== WORK INSTRUCTION ==
Could each entry below be written out exactly, with every picture dropped?

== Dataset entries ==
>>>
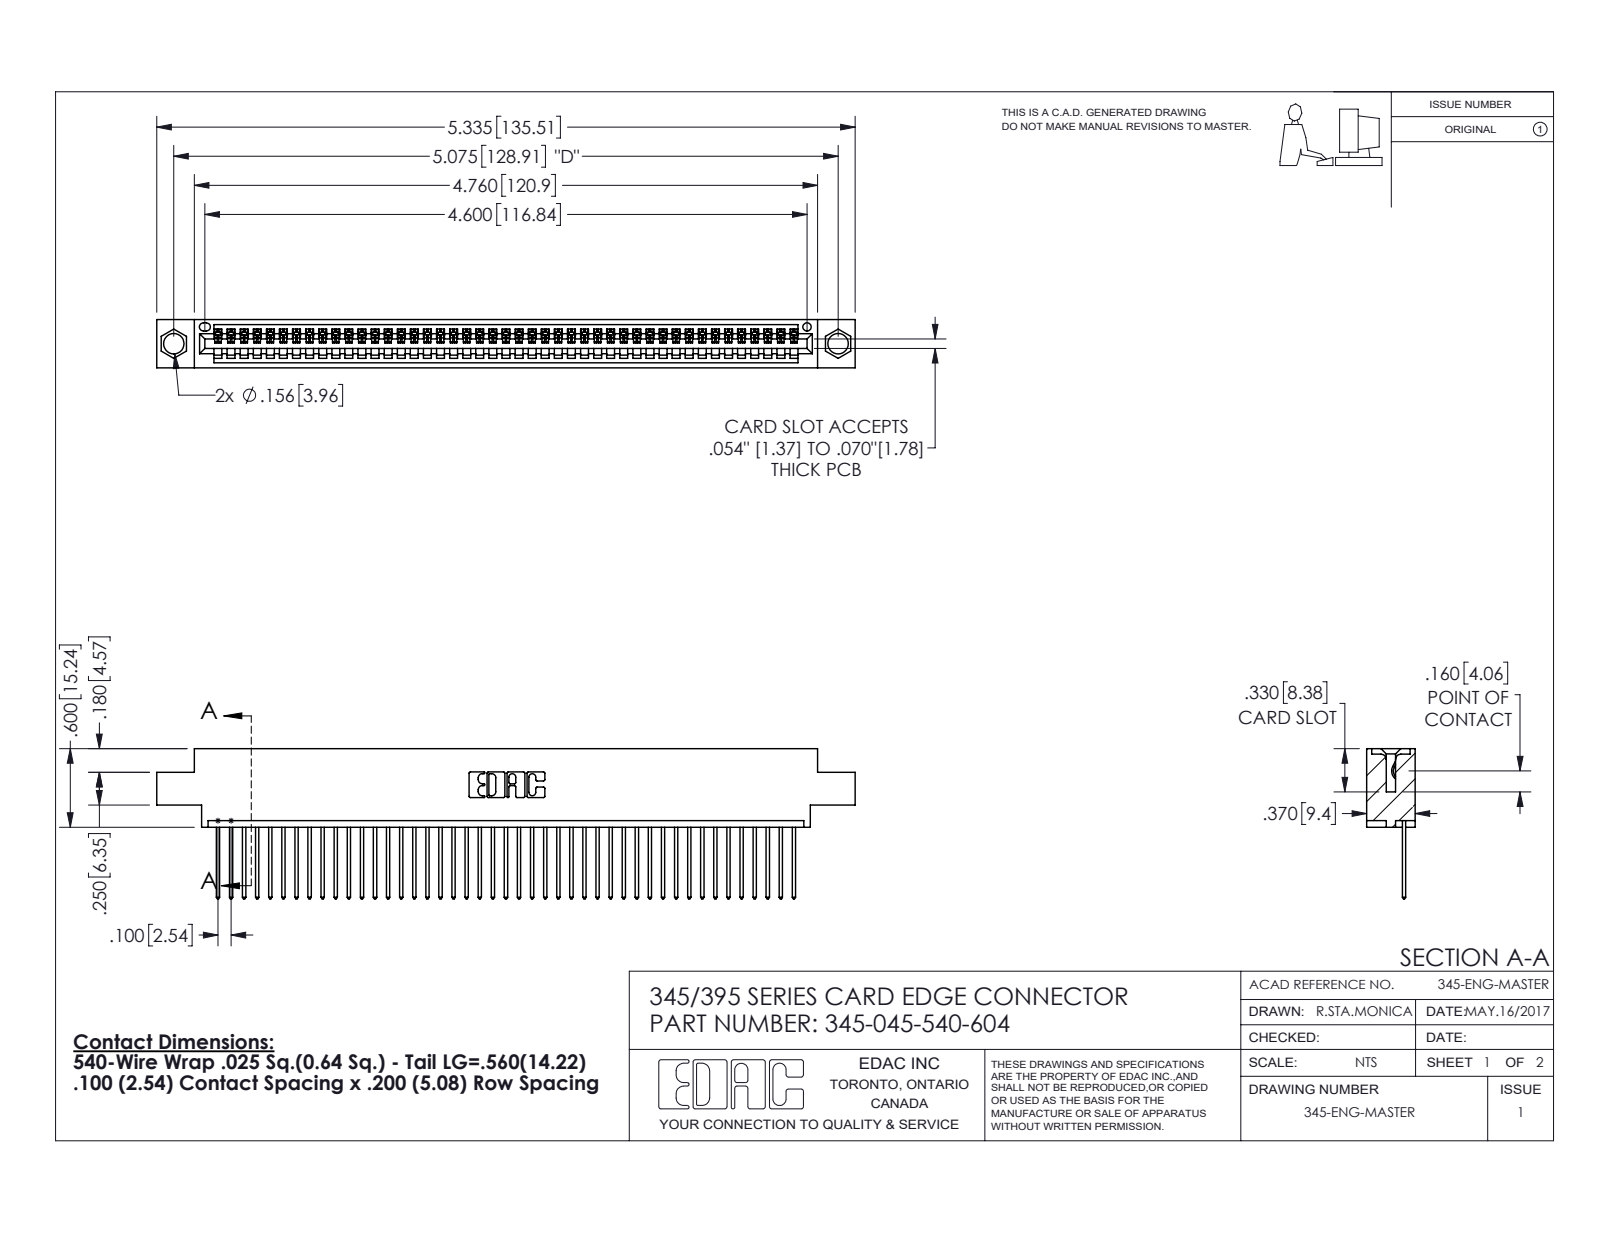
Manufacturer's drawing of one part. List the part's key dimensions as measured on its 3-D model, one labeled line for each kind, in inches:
Part name (STEP PRODUCT): 345-292-001_345-293-140; 345 Part_0.170 Offset - 0.156 Dia-TH; 345-045-540-604
STEP written by: SolidWorks 2016 (CONFIG_CONTROL_DESIGN)
Units: inches
Bodies: 46 solids, 2740 faces (1884 planar, 856 cylindrical, 0 other)
Overall size (bounding box): 5.335 × 1.147 × 0.37
Volume: 0.778 in³ · Surface area: 26.92 in²
Round holes (diameter × count): ⌀0.156 ×2, ⌀0.064 ×1
Partial cylindrical surfaces — rounded edges, fillets, slot ends (radius × count): R0.006 ×90, R0.01 ×90, R0.01 ×22, R0.007 ×6, R0.031 ×6, R0.026 ×3, R0.031 ×2, R0.04 ×2
Main face-to-face distances: 0.298, 0.072, 0.37, 0.098, 0.272, 0.025, 0.2, 0.225, 0.175, 0.149
Hole centre spacings: 0.27, 4.839, 5.075
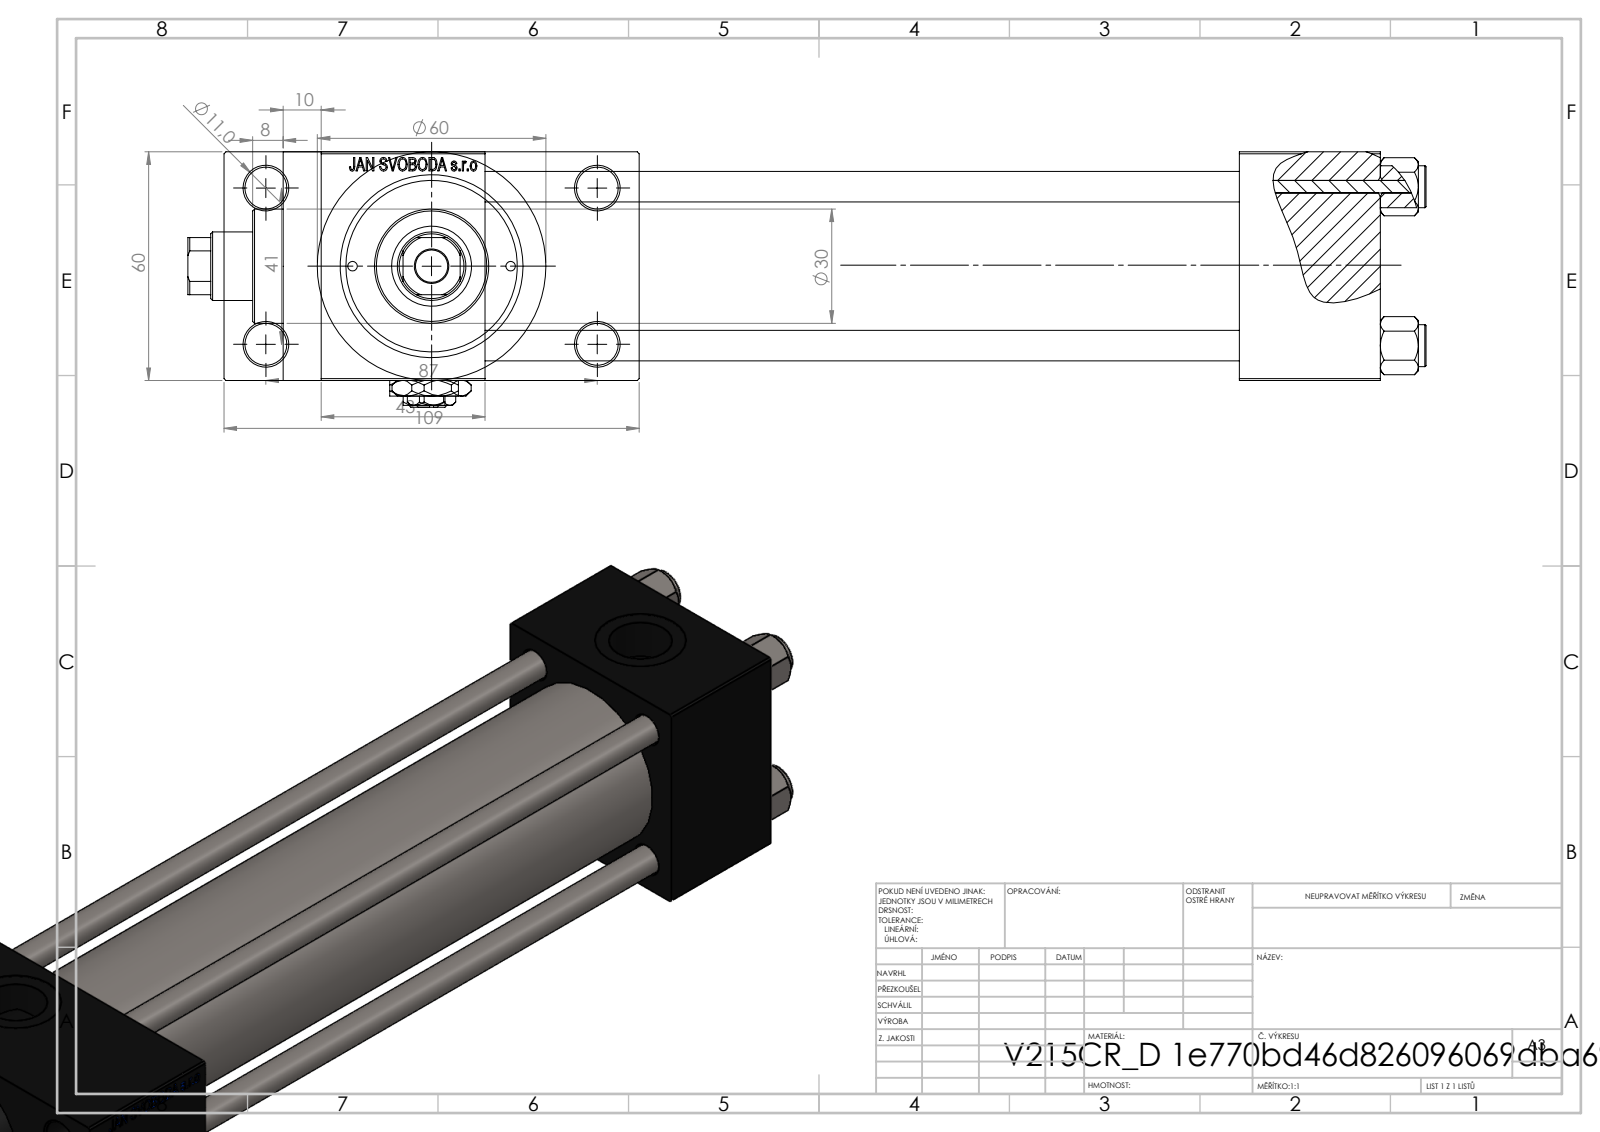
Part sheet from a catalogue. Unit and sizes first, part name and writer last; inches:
Units: inches
Overall size (bounding box): 12.795 × 4.291 × 2.638
Round holes (diameter × count): ⌀0.315 ×4, ⌀0.433 ×4, ⌀0.098 ×2, ⌀0.276 ×2, ⌀0.656 ×2, ⌀0.945 ×2, ⌀0.335 ×1, ⌀0.709 ×1, ⌀0.827 ×1, ⌀1.22 ×1, ⌀1.575 ×1, ⌀1.772 ×1
Round bosses / shafts (diameter × count): ⌀0.433 ×4, ⌀2.362 ×1, ⌀1.811 ×1, ⌀1.181 ×1
Partial cylindrical surfaces — rounded edges, fillets, slot ends (radius × count): R0.335 ×1
Main face-to-face distances: 2.362, 0.965, 3.327, 7.795, 1.457, 9.252, 1.693, 10.945, 9.488, 4.291
Hole centre spacings: 0.821, 0.892, 1.161, 1.206, 1.642, 1.832, 1.856, 1.893
Volume: 38.91 in³ · Surface area: 282 in²
Bodies: 12 solids, 1161 faces (524 planar, 97 cylindrical, 540 other)
Part name (STEP PRODUCT): V215CR_VCP_D; V215CR_D_TYCINKA; V215CR_D_Body; NUT_M5_D (+2 more)
STEP written by: SolidWorks 2019 (CONFIG_CONTROL_DESIGN)
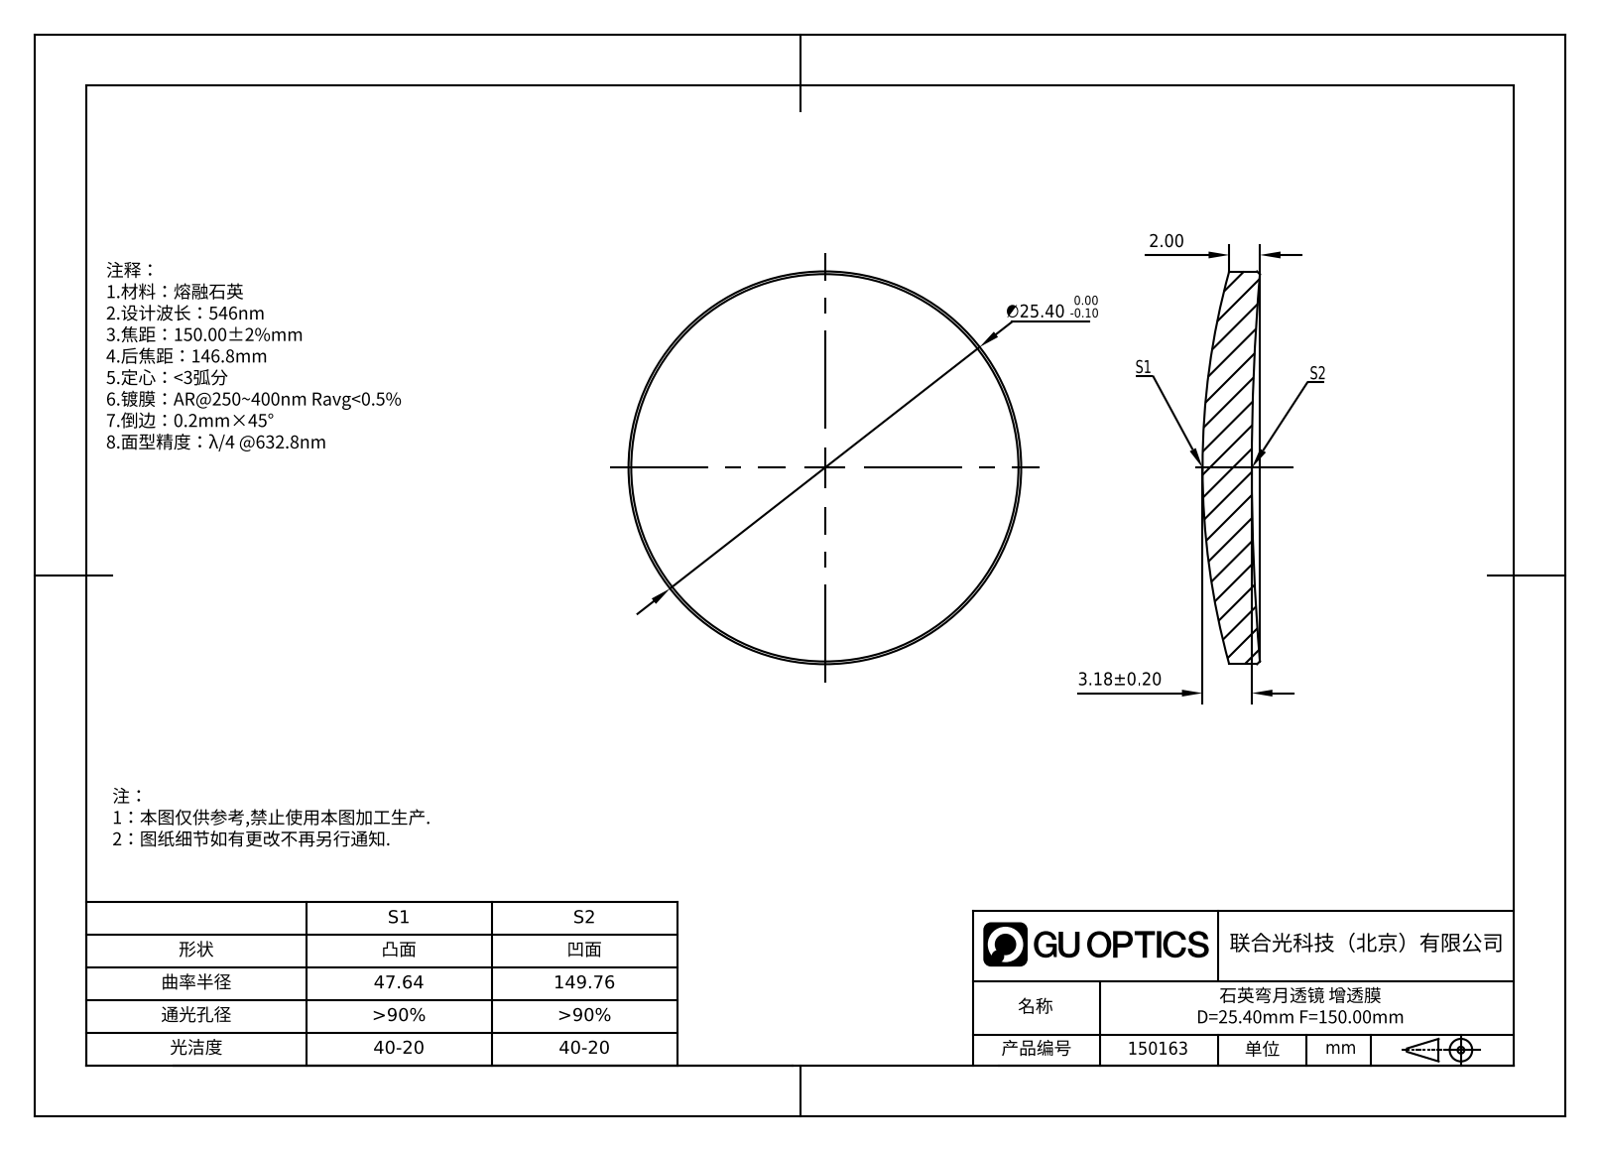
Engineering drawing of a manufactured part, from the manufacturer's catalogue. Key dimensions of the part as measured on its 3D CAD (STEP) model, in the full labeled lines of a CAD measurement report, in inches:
Part name (STEP PRODUCT): GLM2-025B-150-UV
STEP written by: SolidWorks 2022 (AUTOMOTIVE_DESIGN)
Units: inches
Bodies: 1 solid, 8 faces (0 planar, 2 cylindrical, 6 other)
Overall size (bounding box): 1 × 1 × 0.146
Volume: 0.08 in³ · Surface area: 1.818 in²
Round bosses / shafts (diameter × count): ⌀1 ×1
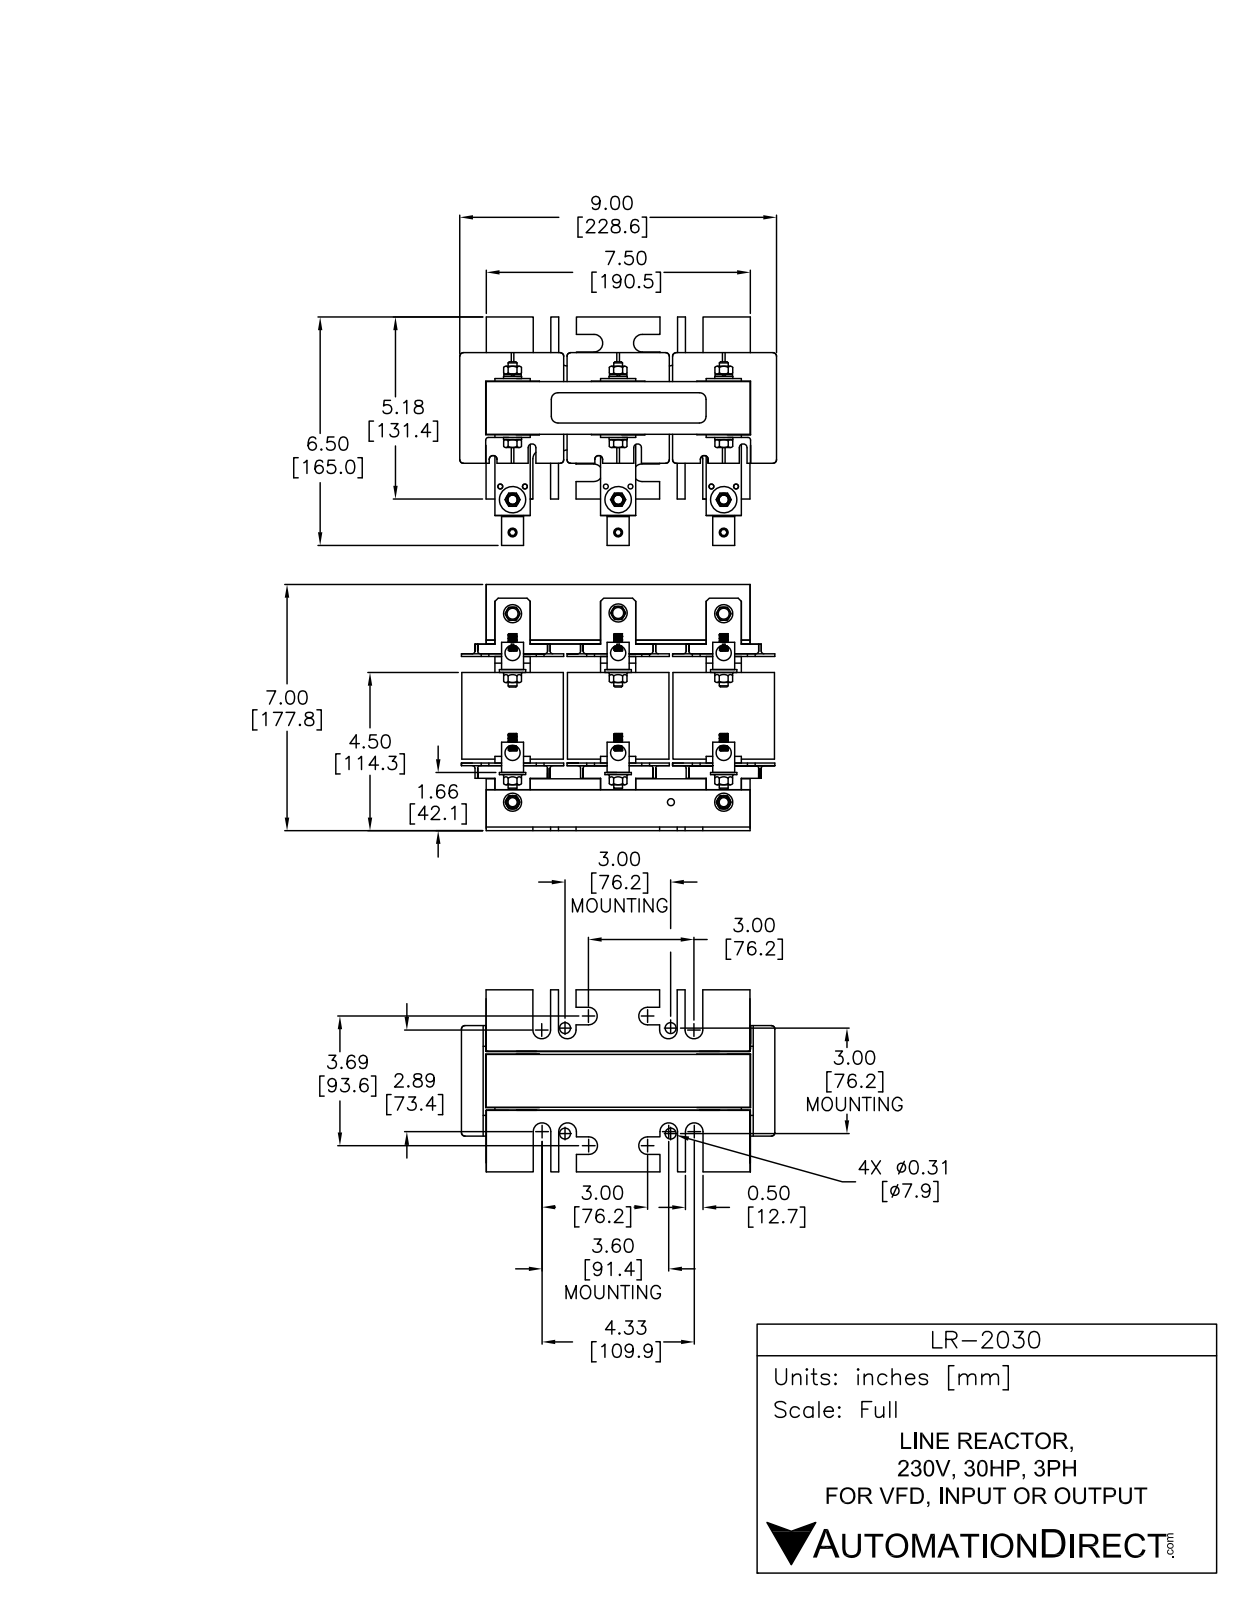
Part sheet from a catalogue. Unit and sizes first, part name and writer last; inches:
<<<
== TASK OUTPUT ==
Manufacturer's drawing of one part. List the part's key dimensions as measured on its 3-D model, one labeled line for each kind, in inches:
Part name (STEP PRODUCT): 345-292-001_345-293-140; 345 Part_0.170 Offset - 0.156 Dia-TH; 345-045-540-604
STEP written by: SolidWorks 2016 (CONFIG_CONTROL_DESIGN)
Units: inches
Bodies: 46 solids, 2740 faces (1884 planar, 856 cylindrical, 0 other)
Overall size (bounding box): 5.335 × 1.147 × 0.37
Volume: 0.778 in³ · Surface area: 26.92 in²
Round holes (diameter × count): ⌀0.156 ×2, ⌀0.064 ×1
Partial cylindrical surfaces — rounded edges, fillets, slot ends (radius × count): R0.006 ×90, R0.01 ×90, R0.01 ×22, R0.007 ×6, R0.031 ×6, R0.026 ×3, R0.031 ×2, R0.04 ×2
Main face-to-face distances: 0.298, 0.072, 0.37, 0.098, 0.272, 0.025, 0.2, 0.225, 0.175, 0.149
Hole centre spacings: 0.27, 4.839, 5.075
Part sheet from a catalogue. Unit and sizes first, part name and writer last; inches:
Units: inches
Overall size (bounding box): 12.795 × 4.291 × 2.638
Round holes (diameter × count): ⌀0.315 ×4, ⌀0.433 ×4, ⌀0.098 ×2, ⌀0.276 ×2, ⌀0.656 ×2, ⌀0.945 ×2, ⌀0.335 ×1, ⌀0.709 ×1, ⌀0.827 ×1, ⌀1.22 ×1, ⌀1.575 ×1, ⌀1.772 ×1
Round bosses / shafts (diameter × count): ⌀0.433 ×4, ⌀2.362 ×1, ⌀1.811 ×1, ⌀1.181 ×1
Partial cylindrical surfaces — rounded edges, fillets, slot ends (radius × count): R0.335 ×1
Main face-to-face distances: 2.362, 0.965, 3.327, 7.795, 1.457, 9.252, 1.693, 10.945, 9.488, 4.291
Hole centre spacings: 0.821, 0.892, 1.161, 1.206, 1.642, 1.832, 1.856, 1.893
Volume: 38.91 in³ · Surface area: 282 in²
Bodies: 12 solids, 1161 faces (524 planar, 97 cylindrical, 540 other)
Part name (STEP PRODUCT): V215CR_VCP_D; V215CR_D_TYCINKA; V215CR_D_Body; NUT_M5_D (+2 more)
STEP written by: SolidWorks 2019 (CONFIG_CONTROL_DESIGN)
Engineering drawing of a manufactured part, from the manufacturer's catalogue. Key dimensions of the part as measured on its 3D CAD (STEP) model, in the full labeled lines of a CAD measurement report, in inches:
Part name (STEP PRODUCT): GLM2-025B-150-UV
STEP written by: SolidWorks 2022 (AUTOMOTIVE_DESIGN)
Units: inches
Bodies: 1 solid, 8 faces (0 planar, 2 cylindrical, 6 other)
Overall size (bounding box): 1 × 1 × 0.146
Volume: 0.08 in³ · Surface area: 1.818 in²
Round bosses / shafts (diameter × count): ⌀1 ×1
Part sheet from a catalogue. Unit and sizes first, part name and writer last; inches:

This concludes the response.